The end result of all this work is that we can add a new capability to our Dissect toolbelt: hypervisor data acquisition. As a bonus, we can now also easily perform investigations on hypervisor systems with the same toolset!
There are of course some limitations to these methods, most of which are related to how the storage is configured. At the time of writing, our approach only works on local or iSCSI-based storage. Usage of vSAN or NFS are currently unsupported. Thankfully most of our clients use these supported methods, and research into improvements obviously never stops.
We initially mentioned scale and ease of deployment as a primary motivator, but other important factors are stealth and preservation of evidence. These seem to be often overlooked by recent trends in DFIR, but they’re still very important factors for us at Fox-IT. Especially when dealing with advanced threat actors, you want to be as stealthy as possible. Assuming your hypervisor isn’t compromised (😉), it doesn’t get much stealthier than performing data acquisition from the virtualization layer, while still maintaining some sense of scalability. This also achieves the ultimate preservation of evidence. Any new file you introduce or piece of software you execute contaminates your evidence, while also risking rollovers of evidence.

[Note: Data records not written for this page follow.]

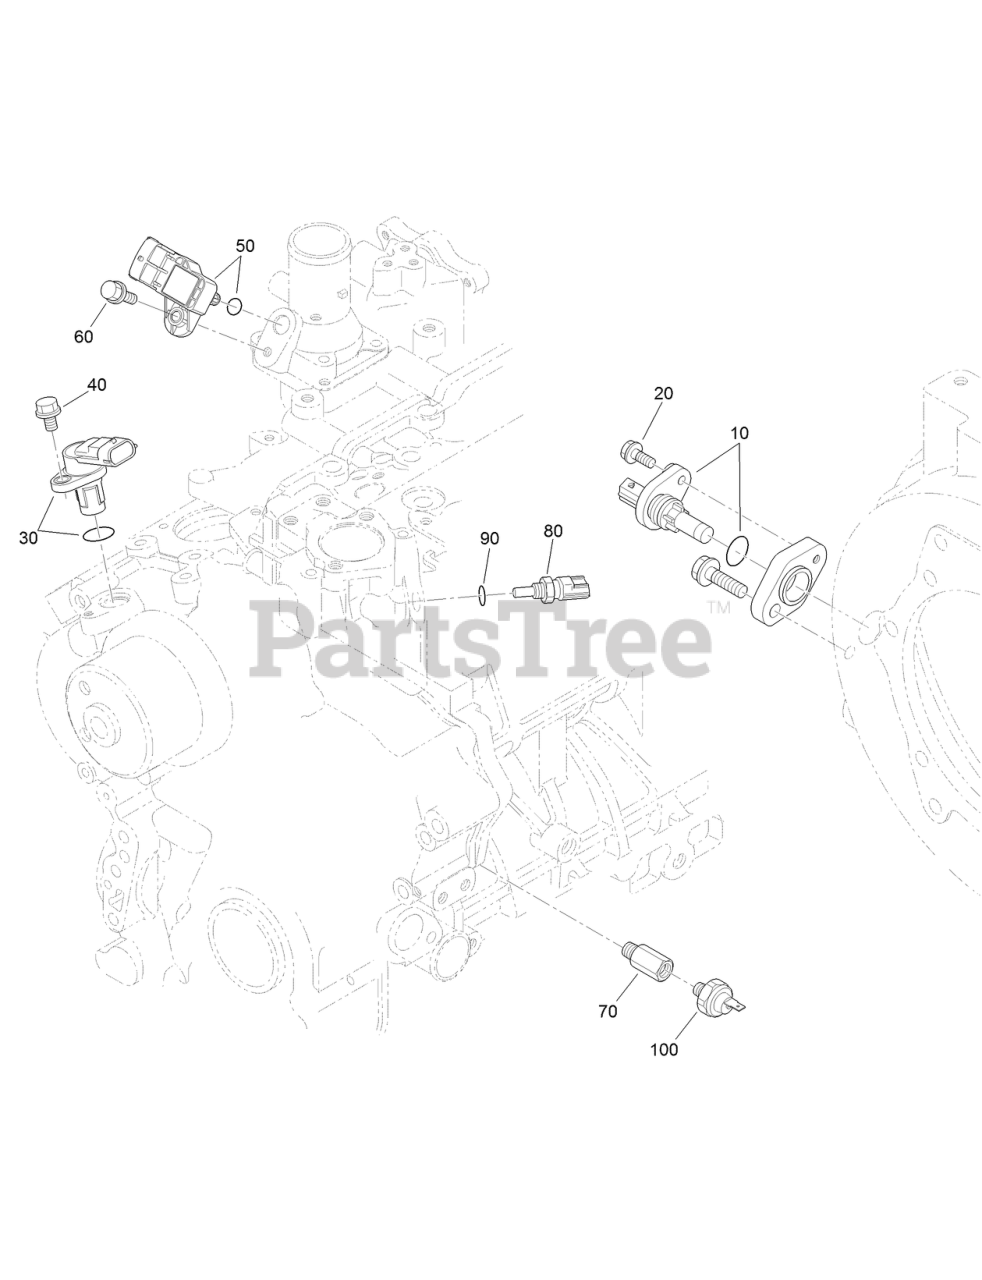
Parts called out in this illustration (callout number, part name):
10	SENSOR
20	BOLT-FLANGE
30	SENSOR
40	BOLT-FLANGE
50	SENSOR-BOOST
60	BOLT-FLANGE
70	ADAPTER-SWITCH, OIL
80	SENSOR-TEMPERATURE, WATER
90	O-RING
100	SWITCH-OIL
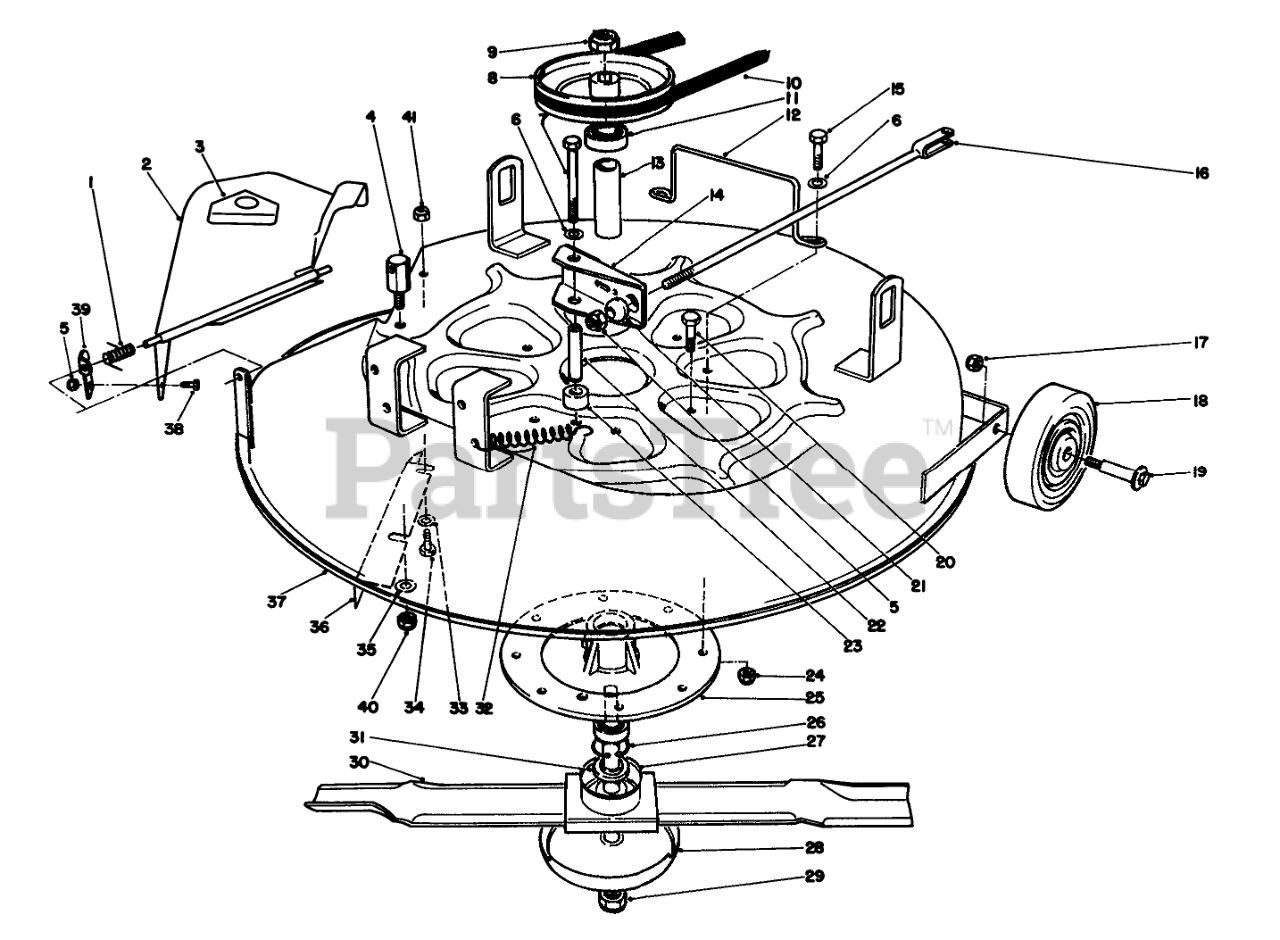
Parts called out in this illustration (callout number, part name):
1	SPRING
2	Deflector (Incl. Ref. #3)
3	DECAL-DANGER
4	POST-PIVOT
5	NUT-LOCK, NI
6	WASHER-PLAIN
7	SCREW-HH
8	DECK PULLEY
9	NUT-LOCK, NI
10	V-Belt
11	BEARING-BALL
12	DECK BELT GUIDE
13	SPACER-BEARING
14	DECK BRAKE ASSEMBLY
15	SCREW-HH
16	DECK BRAKE ROD WA
17	NUT-LOCK, NI
18	WHEEL-DECK
19	BOLT-WHEEL
20	SCREW-HH
21	BALL-SWIVEL, STOP
22	POST-BRAKE MTG
23	SPACER-DECK BRAKE
24	NUT-LOCK, NI
25	CASTING-SPINDLE
26	RING-RETAINING
27	Shaft-Spindle
28	Cup
30	Blade
31	SPINDLE SPACER
32	SPRING-EXTENSION
33	WASHER-FLAT
34	SCREW-HH
35	WASHER-FLAT
36	Baffle
37	Deck
38	SCREW-HH
39	Bracket-Detector
40	NUT-LOCK, NI
41	NUT-HEX

The last takeaway we want to mention is just how relatively easy all of this was. Sure, there was a lot of reverse engineering and writing filesystem implementations, but those are auxiliary tasks that you would have to perform regardless of the end goal. The important detail is that we only had to add a few lines of code to Dissect to have it all just… work. The immense flexibility of Dissect allows us to easily add “complex” capabilities like these with ease. All our analysts can continue to use the same tools they’re already used to, and we can employ all our existing analysis capabilities on these new platforms.
In the time between when this blog was written and published, Mandiant released excellent blog posts about malware targeting VMware ESXi, highlighting the importance of hypervisor forensics and incident response. We will also dive deeper into this topic with future blog posts.